Game trailer: Rage
If there's anyone who should know how to make legendary video games, it's got to be Id Software co-founder John Carmack. Largely responsible for classics such as Wolfenstein 3D, Doom, and Quake (basically the games that invented the first-person action shooter), there's no game maker, save for Nintendo's Miyamoto, who comes close in terms of influence or reputation. (See our E3 2011 interview with Carmack here.)
It's no surprise that Rage has received its fair share of hype. Now that we've had our hands on the final product, here's what we think:
It's impossible to play Rage and not immediately think of games like Borderlands and Fallout 3. The game draws so many similarities to the former that veteran players may find things a bit redundant in not just atmosphere but gameplay as well. Both games are a looter's dream, but Rage succeeds at delivering a much more polished and complete package.
Rage places the player in the role of Ark member, a project designed to continue the human race in anticipation of a meteorite impact that will destroy most of if not all life on Earth. The game begins with the Ark member awakening some time after the collision. Of course the world is now a shell of its former self and, surprise, surprise, you're not exactly welcome in it.
Narratively speaking, Rage starts off with an impressive sequence, but never really is able to achieve the same sort of cinematic awe.
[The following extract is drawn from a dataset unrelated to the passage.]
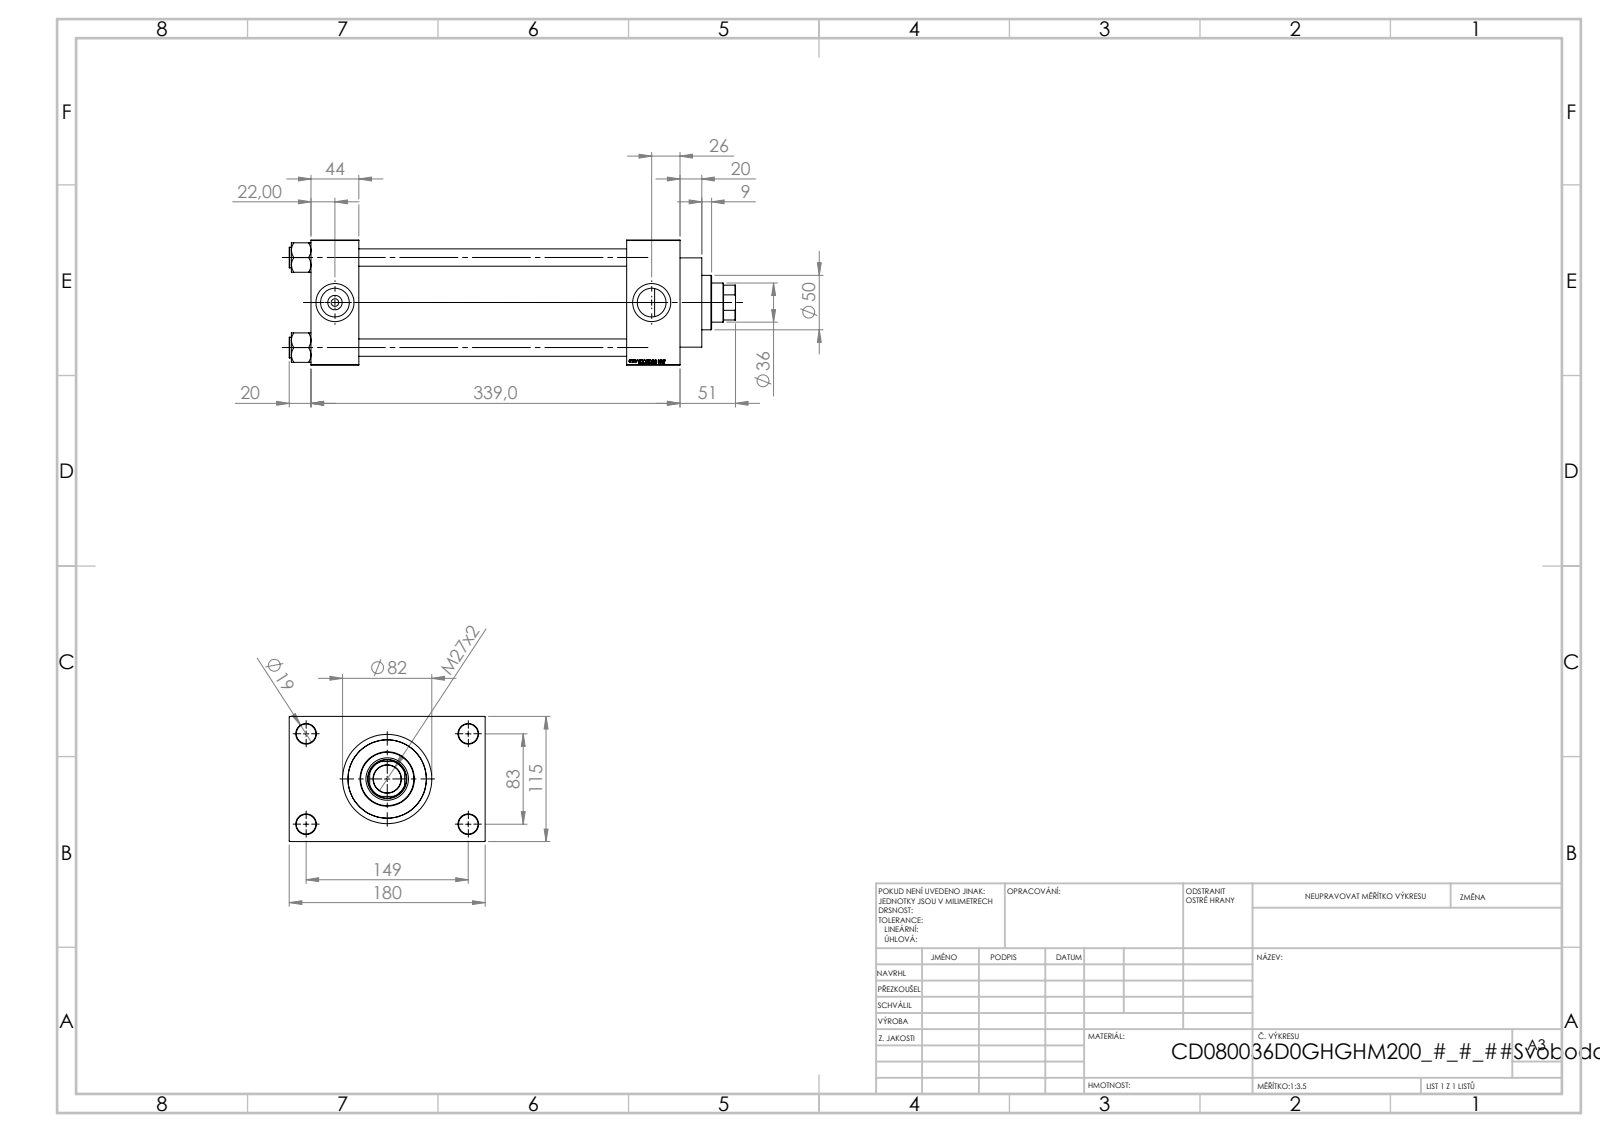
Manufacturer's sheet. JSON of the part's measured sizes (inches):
{"part_name": "V215CD_VCP_D; V215CD_D_TYCINKA; V215CD_D_Body; V215CD_VC_A (+1 more)", "step_written_by": "SolidWorks 2019 (CONFIG_CONTROL_DESIGN)", "units": "inches", "bodies": {"solids": 11, "faces": 1151, "planar": 545, "cylindrical": 88, "other": 518}, "overall_size": [16.142, 7.087, 4.528], "volume_in3": 149.4, "surface_area_in2": 692.9, "round_holes": [[0.63, 4], [0.709, 4], [0.276, 2], [1.041, 2], [1.378, 2], [1.004, 1], [1.417, 1], [1.535, 1], [2.402, 1], [2.835, 1], [3.15, 1]], "round_bosses_or_shafts": [[0.748, 4], [3.386, 1], [3.228, 1], [1.969, 1]], "partial_cylinders_radius": [[0.689, 1]], "face_to_face_distances": [4.528, 9.685, 11.614, 1.929, 1.732, 11.417, 13.346, 1.28, 5.807, 7.087], "hole_center_spacings": [1.305, 2.302, 3.256, 3.357, 3.513, 4.561, 5.607, 3.268]}
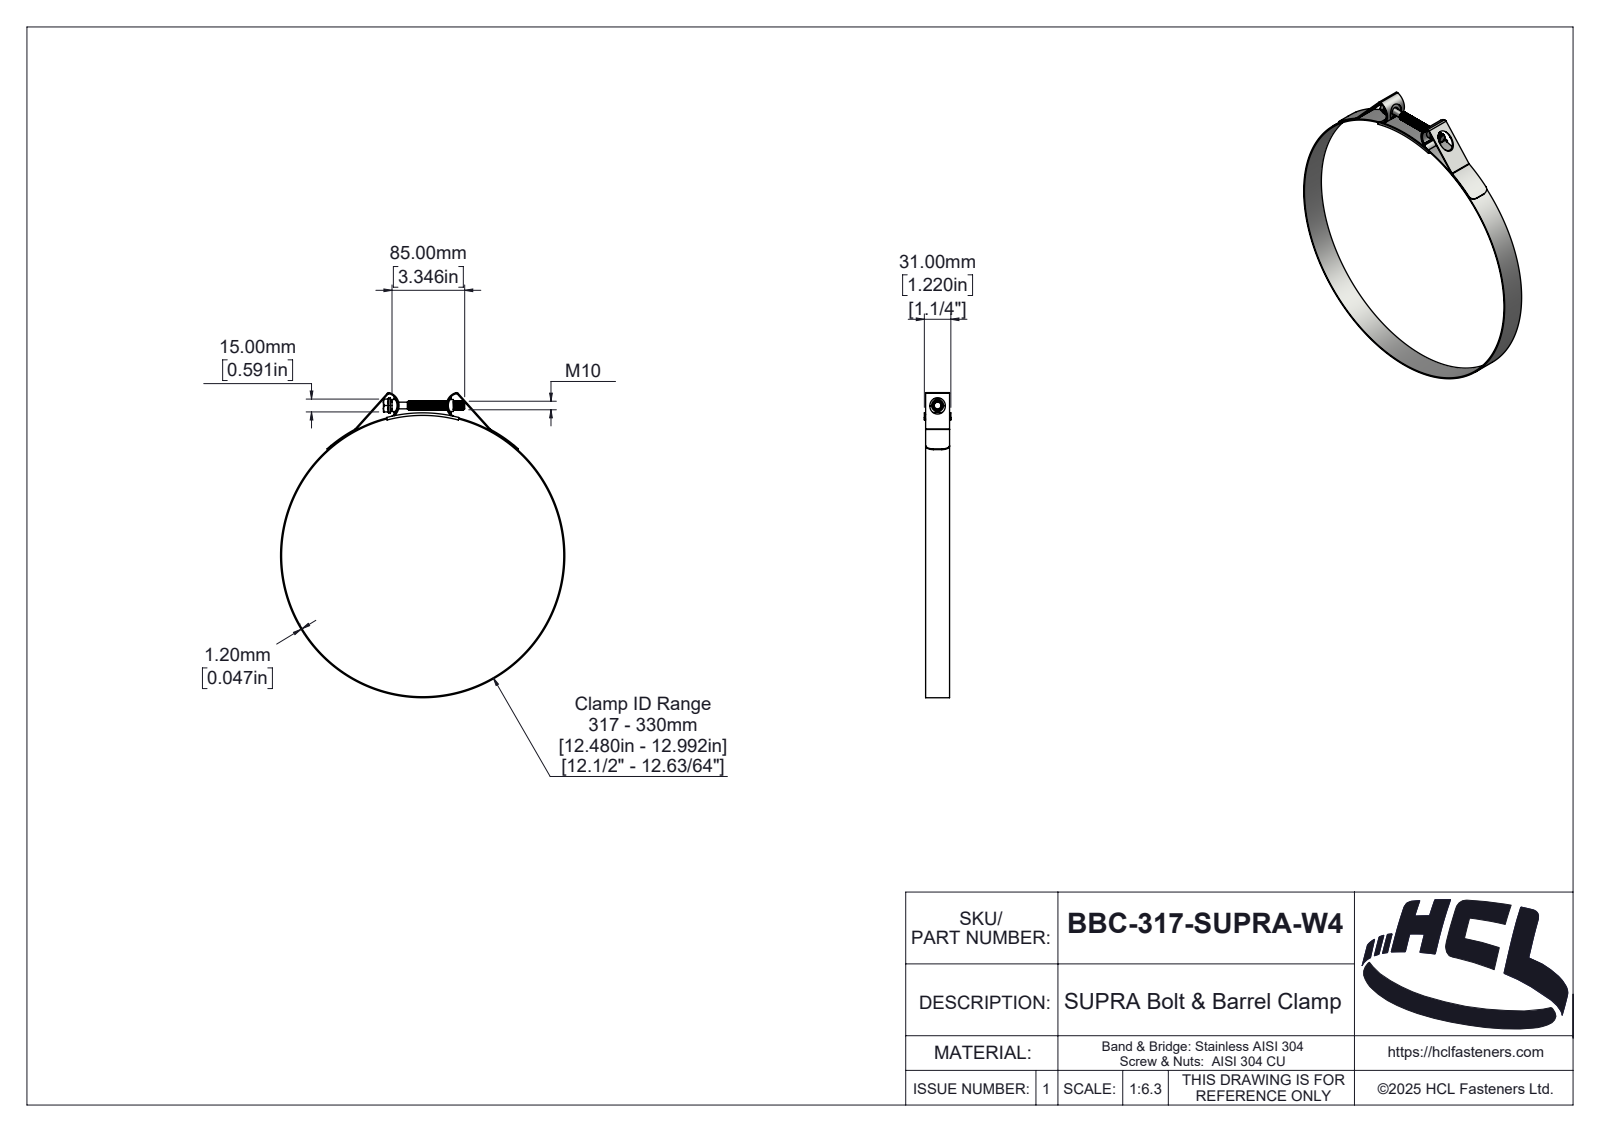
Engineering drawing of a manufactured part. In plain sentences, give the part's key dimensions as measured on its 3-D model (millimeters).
The part is named "BBC-317-SUPRA-W4". Its 3-D file was written by "SolidWorks 2025 (AUTOMOTIVE_DESIGN)". It is 5 solids with 380 faces: 50 planar, 243 cylindrical and 87 other. Overall it measures 356.62 by 332.4 by 31 millimeters. Its volume is 52 760 cubic millimeters and its surface area 83 714 square millimeters. Round holes: 1 of diameter 330. Round bosses or shafts: 1 of diameter 332.4, 1 of diameter 17.32, 1 of diameter 14, 1 of diameter 10, 1 of diameter 7.8. Partial cylindrical surfaces (rounded edges, fillets, slot ends): 4 of radius 1, 2 of radius 1.3, 2 of radius 2, 2 of radius 2.5, 2 of radius 3.2, 2 of radius 9, 2 of radius 13.31, 2 of radius 14.31. The main face-to-face distances are 1.2, 28, 1.5, 29.5, 29.8, 28.3, 31, 28.6, 15, 2.5.

Voice performances are strong and likable, highlighted by the instantly recognizable John Goodman.
We're happy to report that Rage runs at an incredibly smooth frame rate, but there is a fair amount of loading to endure when crossing into new territories. Installing all three discs on our Xbox 360 seemed to slightly improve wait times, so if you've got room to spare, it's worth considering.
Beyond long loading times, Rage is an absolute graphical marvel. There is an incredible amount of fine detail stitched into the world, with uniquely stylized characters and small towns.
Rage is primarily a first-person shooter, but a fair amount of gameplay also puts the player behind the wheel of various vehicles. Beyond providing a vessel for A-to-B travel, vehicle gameplay features racing, combat, and the ability to upgrade your ride with better parts and weapon assemblies. Both first-person and driving controls feel tight and responsive--all of which is further exaggerated thanks to the game's silky smooth aesthetic.
For a demo of Rage with commentary, check out last week's episode of preGame!
The generically titled "Rage" is the first game Carmack had the equivalent of above-the-title credit for since 2004's "Doom 3," and like that game, it's a violent stylistic exercise that's a marvel to behold. That the game looks amazing should not come as a surprise; Carmack's reputation is as a programmer and technician, not an overall entertainment auteur. This is, after all, the man who was quoted in the book "Masters of Doom" as saying, "Story in a game is like a story in a porn movie. It's expected to be there, but it's not that important."
That approach is evident in Rage. The physical landscape, while stunning, is an overly familiar post-apocalyptic desert, virtually identical to the ones seen for decades in everything from The Road Warrior to Fallout 3. The characters are hastily sketched stereotypes, albeit with animation and voice acting that puts lesser games to shame. In a way, it feels as if you're watching an award-winning cinematographer directing a film: the visuals are great, but there's a lack of connection to this potentially intriguing world around you.
Still, if you're playing Rage, you're likely more interested in the shootouts, which is where the game really shines. Unlike so many first-person games in recent years, Rage doesn't exactly hold your hand at every turn. The initial gunfights are surprisingly difficult, with enemies (again, painfully cliched post-apocalyptic mutants) that are fast, agile, and who can take more than a few bullets from your puny starter pistol before going down. If you're used to the generous auto-aim assistance in the Call of Duty series, get ready to reload your game more than a few times.
The depth comes from the endless array of new weapons, ammo, and accessories you can build, based on discovering or buying blueprints. Within the game's first few hours, we were building explosive ammo and walking sentry bots that would fight alongside us. The constant upgrade cycle makes it feel like you're always making progress, which helps keep the pacing quick.
On a technical level, Rage shows off the importance of frame rate in console games. Despite the high-powered visuals, the movement is always extremely smooth, double the normal 30 frames per second that most console games strive to achieve. Going back to any other game after Rage feels like you're moving in slow motion. There's a catch, however. On the Xbox 360 version we played, some texture pop-in was evident almost every time we turned our virtual head too sharply.
Rage clearly has the technical side and the in-game mechanics down. But that's only half the picture for modern consumers of interactive entertainment. While playing we inevitably thought of what could be accomplished if one were to merge the visual mastery of Rage with a game in roughly the same genre, such as Fallout 3, that's known for its top-notch plot and script, but only so-so visuals. Once someone manages to do that, video games will a big step closer to eclipsing film and television as our most compelling creative medium.
Rage is available now on Xbox 360, PlayStation 3, and PC.